After the longest 2 weeks known to man, we finally did our PDI (which went well) and were able to tow the trailer out of the lot and get it home. It towed like a dream and for the most part did not not give me a second though it was there. I just have to get used to not having a rear view mirror.
At home we levelled it, plugged it in, went inside and had a coffee. It is all good. Thanks to you all who helped me this far.


----------



## qgallo (Jul 2, 2005)

Wise choice--21rs, we have a 2005 and love it. Many happy days of camping ahead !!!


----------



## Fire44 (Mar 6, 2005)

Congrads on the new Outback!!!

Now go out and have fun with it.









Gary


----------



## drobe5150 (Jan 21, 2005)

congrats on the new outback








enjoy and have fun.

darrel


----------



## Y-Guy (Jan 30, 2004)

Congrats on the new Outback!


----------



## NDJollyMon (Aug 22, 2003)

The hard part is over...except maybe for payments!









Njoy your purchase!


----------



## Oregon_Camper (Sep 13, 2004)

Ah...another Outback finds a good home..

Congrats on the new TT


----------



## toolman (Jul 12, 2005)

A wise choice. I love my 06 21RS.

Enjoy

Toolman


----------



## mswalt (Sep 14, 2004)

Bob and Ang,

Have a great time!
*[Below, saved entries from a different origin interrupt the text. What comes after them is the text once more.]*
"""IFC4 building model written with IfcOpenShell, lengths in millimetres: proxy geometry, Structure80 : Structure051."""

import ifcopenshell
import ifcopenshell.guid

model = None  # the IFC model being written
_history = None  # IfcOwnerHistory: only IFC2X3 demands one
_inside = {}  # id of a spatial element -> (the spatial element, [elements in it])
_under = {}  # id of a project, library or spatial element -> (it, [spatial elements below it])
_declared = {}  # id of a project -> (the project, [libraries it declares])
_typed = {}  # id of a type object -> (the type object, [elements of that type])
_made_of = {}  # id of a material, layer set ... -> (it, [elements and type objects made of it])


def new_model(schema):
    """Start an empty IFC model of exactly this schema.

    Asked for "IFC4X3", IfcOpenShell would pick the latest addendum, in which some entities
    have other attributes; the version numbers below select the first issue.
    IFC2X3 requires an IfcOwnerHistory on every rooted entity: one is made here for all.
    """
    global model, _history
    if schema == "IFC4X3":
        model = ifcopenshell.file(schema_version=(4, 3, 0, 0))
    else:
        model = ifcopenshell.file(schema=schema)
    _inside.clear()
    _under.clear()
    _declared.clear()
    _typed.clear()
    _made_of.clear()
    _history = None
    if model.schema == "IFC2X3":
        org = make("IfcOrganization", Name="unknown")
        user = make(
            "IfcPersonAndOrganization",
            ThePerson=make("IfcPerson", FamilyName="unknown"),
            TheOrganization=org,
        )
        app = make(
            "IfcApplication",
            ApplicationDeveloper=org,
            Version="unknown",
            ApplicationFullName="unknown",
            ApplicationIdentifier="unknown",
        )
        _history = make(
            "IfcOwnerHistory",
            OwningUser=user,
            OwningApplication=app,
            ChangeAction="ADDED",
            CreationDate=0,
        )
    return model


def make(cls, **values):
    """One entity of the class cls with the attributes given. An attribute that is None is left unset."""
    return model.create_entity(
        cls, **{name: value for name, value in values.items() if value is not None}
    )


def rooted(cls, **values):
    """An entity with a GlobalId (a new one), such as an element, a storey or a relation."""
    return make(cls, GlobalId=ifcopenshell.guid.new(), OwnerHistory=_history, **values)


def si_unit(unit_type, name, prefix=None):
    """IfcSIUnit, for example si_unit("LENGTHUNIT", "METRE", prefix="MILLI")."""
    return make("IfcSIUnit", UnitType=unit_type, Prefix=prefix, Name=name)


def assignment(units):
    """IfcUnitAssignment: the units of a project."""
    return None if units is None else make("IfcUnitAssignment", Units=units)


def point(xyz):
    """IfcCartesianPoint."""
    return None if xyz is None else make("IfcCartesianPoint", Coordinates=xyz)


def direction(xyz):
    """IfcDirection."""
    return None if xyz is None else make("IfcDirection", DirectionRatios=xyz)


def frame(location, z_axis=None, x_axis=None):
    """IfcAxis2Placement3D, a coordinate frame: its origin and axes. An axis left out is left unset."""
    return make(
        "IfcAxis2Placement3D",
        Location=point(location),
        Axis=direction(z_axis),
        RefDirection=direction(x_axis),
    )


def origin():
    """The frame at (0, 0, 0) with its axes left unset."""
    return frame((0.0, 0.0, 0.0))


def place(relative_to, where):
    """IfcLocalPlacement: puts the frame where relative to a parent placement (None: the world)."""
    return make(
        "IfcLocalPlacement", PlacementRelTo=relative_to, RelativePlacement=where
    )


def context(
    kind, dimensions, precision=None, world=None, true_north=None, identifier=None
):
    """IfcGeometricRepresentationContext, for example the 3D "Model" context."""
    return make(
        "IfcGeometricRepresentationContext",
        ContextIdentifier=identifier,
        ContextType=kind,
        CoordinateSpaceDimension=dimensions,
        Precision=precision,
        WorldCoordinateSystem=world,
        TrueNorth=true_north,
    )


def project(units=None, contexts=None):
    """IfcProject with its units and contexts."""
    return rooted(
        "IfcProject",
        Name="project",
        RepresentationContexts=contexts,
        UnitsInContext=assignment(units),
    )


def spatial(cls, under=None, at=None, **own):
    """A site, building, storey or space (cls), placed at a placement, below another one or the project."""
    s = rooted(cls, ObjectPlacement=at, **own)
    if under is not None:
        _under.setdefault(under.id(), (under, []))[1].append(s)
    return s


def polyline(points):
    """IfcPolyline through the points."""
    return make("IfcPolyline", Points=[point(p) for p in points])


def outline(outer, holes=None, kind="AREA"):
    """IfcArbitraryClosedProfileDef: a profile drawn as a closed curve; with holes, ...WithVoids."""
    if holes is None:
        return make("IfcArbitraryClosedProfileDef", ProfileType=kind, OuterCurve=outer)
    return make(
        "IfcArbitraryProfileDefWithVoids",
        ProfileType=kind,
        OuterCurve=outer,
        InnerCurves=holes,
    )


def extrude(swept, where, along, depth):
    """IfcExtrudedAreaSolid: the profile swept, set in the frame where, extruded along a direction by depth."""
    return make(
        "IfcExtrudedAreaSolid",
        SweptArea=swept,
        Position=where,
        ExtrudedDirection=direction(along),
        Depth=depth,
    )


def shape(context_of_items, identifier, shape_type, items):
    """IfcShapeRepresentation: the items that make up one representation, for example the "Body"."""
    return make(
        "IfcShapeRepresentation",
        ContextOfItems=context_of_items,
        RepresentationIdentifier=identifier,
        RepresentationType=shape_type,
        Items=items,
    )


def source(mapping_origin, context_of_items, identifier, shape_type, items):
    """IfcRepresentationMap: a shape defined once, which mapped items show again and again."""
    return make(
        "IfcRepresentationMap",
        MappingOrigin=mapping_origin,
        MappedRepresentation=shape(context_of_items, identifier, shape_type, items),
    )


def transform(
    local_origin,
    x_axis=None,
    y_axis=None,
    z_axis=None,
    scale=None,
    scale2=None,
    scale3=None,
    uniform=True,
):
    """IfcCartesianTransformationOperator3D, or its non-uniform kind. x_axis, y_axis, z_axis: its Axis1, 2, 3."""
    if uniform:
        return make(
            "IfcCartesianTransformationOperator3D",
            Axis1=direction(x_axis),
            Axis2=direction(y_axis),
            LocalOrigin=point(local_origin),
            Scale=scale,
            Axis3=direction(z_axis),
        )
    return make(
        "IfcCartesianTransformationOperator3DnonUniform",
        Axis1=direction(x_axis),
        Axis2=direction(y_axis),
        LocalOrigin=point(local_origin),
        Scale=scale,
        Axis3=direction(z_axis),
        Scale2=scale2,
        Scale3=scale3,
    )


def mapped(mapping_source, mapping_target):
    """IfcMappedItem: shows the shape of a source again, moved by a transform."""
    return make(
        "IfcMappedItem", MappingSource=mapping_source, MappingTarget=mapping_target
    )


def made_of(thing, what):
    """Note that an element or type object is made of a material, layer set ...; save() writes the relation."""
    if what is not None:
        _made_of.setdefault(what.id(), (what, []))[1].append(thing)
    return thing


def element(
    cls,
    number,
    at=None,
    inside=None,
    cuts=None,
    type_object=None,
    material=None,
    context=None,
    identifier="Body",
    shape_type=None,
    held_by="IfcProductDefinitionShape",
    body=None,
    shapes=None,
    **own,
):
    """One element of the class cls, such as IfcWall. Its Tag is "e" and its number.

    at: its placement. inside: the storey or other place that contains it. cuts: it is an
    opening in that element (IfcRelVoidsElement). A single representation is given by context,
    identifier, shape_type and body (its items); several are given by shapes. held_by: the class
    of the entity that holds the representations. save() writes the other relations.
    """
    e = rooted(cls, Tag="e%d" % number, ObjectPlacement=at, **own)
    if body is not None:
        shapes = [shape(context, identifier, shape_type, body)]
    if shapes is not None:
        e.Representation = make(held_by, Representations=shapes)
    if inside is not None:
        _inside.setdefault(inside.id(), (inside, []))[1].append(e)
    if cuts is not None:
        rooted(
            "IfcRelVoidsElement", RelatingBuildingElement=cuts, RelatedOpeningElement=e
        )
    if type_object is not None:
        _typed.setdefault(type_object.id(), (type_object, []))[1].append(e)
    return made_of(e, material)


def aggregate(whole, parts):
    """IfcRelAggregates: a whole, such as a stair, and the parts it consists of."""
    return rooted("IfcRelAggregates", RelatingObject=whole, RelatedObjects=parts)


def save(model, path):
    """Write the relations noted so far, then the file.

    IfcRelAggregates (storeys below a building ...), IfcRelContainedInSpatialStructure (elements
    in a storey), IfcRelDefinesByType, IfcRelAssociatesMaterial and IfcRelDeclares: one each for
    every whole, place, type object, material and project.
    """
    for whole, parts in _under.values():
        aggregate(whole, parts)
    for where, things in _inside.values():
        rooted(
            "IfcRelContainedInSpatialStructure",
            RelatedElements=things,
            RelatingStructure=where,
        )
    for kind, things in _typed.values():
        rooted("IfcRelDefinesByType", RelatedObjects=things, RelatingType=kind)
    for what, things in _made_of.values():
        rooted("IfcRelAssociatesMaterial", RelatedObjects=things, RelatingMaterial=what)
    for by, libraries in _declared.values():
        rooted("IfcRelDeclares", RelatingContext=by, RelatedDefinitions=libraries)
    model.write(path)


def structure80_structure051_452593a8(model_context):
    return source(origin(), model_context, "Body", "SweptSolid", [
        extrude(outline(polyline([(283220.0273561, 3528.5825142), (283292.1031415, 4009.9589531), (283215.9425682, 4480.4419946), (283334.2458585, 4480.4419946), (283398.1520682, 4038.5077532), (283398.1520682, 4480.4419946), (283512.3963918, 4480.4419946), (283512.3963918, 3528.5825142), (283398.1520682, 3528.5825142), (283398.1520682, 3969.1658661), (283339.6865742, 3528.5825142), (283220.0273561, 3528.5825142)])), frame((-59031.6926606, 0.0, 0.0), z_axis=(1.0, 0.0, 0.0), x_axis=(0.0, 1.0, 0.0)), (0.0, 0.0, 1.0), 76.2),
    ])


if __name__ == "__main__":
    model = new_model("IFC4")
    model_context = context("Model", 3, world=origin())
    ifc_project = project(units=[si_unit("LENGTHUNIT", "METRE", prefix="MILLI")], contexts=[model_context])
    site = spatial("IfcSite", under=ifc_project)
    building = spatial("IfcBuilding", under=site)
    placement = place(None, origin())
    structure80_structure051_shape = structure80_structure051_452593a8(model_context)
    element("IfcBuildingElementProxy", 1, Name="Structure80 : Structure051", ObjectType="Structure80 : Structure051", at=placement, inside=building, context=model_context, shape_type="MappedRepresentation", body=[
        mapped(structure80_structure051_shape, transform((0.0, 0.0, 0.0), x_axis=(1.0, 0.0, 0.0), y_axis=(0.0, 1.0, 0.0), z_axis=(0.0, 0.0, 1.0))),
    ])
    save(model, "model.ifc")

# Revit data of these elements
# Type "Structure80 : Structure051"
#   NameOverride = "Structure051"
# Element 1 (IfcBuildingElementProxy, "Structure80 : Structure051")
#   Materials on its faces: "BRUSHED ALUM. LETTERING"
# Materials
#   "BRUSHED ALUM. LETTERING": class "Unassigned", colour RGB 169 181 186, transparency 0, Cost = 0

Enjoy your new "home away from home."

Mark


----------



## ARzark (Aug 9, 2005)

Congrats on your 21RS! Saw one today for the first time. 
You should have soooo much fun!


----------



## HootBob (Apr 26, 2004)

Congrats Bob & Ang on the 21RS
Glad all went well,Now you can enjoy it
Have fun









Don


----------



## PDX_Doug (Nov 16, 2004)

Bob and Ang,








Congratulations on the new Outback









I'm sure you will enjoy it for years to come!

Happy Trials,
Doug


----------



## Reggie44 (Aug 12, 2005)

Once again congratulations and enjoy...when is the first camping trip?
John and Sandra


----------



## nonny (Aug 14, 2005)

Congratulations! Enjoy your first adventure!


----------



## z-family (Oct 2, 2004)




----------